Exercise brief -
Please copy each line in the records below that contains the string "blocks".

Records supplied -
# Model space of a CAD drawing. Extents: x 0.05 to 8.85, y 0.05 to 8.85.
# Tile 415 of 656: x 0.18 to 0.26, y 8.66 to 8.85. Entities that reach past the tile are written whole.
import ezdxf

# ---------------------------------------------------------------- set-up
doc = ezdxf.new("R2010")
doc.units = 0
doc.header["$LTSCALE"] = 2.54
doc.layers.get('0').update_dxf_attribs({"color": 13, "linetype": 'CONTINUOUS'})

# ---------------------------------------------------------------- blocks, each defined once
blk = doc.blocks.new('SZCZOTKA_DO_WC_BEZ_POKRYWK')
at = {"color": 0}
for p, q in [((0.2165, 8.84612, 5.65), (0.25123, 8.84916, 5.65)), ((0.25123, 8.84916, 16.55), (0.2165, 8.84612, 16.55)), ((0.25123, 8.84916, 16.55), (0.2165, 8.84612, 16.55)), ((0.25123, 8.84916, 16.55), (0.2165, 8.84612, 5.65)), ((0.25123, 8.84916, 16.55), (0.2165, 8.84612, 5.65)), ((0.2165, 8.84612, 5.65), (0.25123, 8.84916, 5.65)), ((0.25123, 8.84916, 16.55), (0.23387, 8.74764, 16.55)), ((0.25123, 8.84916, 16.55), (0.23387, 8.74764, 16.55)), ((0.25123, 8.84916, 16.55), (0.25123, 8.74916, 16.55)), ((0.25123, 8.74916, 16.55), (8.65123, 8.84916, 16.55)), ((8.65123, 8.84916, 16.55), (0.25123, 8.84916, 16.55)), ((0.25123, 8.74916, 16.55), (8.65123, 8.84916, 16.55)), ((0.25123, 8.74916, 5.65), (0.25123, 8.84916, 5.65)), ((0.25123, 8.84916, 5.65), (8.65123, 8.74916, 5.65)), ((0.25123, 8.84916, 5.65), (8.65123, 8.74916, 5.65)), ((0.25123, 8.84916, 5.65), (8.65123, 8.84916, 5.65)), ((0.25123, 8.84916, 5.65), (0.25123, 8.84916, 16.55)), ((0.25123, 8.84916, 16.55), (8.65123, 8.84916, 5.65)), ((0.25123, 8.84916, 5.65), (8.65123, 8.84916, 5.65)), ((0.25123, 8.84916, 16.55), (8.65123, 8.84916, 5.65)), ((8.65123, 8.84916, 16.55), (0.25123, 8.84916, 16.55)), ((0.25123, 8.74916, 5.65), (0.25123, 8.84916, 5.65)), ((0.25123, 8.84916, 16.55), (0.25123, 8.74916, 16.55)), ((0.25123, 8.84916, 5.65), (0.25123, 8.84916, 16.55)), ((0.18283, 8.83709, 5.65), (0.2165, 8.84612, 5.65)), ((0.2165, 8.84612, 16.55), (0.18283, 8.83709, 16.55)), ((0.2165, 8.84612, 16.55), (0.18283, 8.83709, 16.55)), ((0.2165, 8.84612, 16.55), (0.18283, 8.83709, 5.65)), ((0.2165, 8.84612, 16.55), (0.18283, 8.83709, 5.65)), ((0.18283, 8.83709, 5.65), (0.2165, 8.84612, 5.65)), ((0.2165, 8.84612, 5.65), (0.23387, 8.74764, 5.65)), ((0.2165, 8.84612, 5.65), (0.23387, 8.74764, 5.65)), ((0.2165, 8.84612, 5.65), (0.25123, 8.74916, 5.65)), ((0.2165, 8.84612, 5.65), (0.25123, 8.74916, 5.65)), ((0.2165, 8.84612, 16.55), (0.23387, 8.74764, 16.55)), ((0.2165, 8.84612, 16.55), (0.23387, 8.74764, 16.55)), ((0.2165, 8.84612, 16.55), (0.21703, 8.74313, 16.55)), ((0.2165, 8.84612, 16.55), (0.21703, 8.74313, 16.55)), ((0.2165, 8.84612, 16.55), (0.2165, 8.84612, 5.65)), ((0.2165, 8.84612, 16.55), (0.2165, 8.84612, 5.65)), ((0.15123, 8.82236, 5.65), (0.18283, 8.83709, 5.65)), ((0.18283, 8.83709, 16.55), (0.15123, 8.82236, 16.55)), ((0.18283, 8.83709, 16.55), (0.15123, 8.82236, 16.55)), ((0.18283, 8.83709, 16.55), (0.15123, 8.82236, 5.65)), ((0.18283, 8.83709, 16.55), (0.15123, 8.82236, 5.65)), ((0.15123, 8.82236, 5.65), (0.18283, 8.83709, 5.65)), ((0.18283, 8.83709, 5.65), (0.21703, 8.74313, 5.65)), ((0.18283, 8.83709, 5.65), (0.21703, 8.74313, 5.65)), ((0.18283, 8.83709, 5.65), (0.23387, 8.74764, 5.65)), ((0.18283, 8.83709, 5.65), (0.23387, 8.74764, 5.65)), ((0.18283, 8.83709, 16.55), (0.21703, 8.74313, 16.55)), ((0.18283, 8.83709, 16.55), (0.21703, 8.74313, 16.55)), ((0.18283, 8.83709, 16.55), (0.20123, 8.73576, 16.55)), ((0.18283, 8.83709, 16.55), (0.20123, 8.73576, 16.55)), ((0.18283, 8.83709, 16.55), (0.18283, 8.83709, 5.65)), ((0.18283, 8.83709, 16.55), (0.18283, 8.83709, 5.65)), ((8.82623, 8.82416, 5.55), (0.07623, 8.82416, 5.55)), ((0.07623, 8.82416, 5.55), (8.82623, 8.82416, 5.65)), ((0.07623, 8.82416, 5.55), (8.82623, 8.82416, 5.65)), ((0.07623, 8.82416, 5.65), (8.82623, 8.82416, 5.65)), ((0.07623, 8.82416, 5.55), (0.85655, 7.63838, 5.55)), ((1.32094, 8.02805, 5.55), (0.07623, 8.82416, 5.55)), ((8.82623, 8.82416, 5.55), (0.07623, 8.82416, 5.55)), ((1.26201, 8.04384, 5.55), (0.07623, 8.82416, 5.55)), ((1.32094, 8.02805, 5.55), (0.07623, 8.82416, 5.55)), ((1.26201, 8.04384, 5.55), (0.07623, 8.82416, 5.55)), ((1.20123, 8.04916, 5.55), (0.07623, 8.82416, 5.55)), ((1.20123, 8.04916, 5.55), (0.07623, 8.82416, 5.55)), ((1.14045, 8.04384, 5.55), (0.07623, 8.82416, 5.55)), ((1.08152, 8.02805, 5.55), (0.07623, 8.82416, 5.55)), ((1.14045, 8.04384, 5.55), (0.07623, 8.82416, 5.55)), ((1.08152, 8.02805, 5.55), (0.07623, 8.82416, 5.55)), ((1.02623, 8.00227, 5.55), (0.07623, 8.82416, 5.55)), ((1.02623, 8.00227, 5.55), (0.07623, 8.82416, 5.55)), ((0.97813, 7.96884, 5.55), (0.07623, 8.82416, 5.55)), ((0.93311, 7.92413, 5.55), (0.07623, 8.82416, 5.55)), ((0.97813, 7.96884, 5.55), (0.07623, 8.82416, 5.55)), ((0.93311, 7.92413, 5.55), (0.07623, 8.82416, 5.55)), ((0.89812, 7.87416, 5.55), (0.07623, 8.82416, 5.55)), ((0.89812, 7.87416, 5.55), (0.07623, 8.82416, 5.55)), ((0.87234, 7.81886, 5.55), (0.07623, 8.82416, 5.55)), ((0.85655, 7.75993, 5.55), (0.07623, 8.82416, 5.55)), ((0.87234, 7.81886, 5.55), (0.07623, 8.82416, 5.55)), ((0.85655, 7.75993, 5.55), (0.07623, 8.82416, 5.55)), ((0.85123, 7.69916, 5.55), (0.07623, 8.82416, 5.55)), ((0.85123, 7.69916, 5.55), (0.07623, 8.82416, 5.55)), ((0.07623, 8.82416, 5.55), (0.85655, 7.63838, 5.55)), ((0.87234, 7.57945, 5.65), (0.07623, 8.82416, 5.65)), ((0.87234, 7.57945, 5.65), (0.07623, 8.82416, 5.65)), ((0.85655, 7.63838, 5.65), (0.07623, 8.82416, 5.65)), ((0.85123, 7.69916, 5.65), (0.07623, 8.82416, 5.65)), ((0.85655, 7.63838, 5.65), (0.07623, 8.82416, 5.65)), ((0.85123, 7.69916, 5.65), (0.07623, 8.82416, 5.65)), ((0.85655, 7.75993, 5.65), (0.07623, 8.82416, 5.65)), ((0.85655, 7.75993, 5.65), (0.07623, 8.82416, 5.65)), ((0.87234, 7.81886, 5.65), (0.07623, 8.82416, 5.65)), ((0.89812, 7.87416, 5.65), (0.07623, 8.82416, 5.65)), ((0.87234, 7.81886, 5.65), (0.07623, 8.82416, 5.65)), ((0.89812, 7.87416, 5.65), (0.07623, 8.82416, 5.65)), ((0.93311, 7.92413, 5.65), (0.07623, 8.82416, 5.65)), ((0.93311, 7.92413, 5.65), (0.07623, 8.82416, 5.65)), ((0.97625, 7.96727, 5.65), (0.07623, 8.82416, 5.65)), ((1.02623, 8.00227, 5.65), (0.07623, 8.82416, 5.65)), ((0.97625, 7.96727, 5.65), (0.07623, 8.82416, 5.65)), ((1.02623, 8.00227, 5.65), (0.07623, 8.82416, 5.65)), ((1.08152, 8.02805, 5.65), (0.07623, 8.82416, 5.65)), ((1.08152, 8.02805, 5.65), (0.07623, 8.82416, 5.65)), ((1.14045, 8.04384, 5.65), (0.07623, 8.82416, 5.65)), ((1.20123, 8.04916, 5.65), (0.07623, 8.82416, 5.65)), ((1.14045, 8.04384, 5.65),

Response -
# ---------------------------------------------------------------- blocks, each defined once
blk = doc.blocks.new('SZCZOTKA_DO_WC_BEZ_POKRYWK')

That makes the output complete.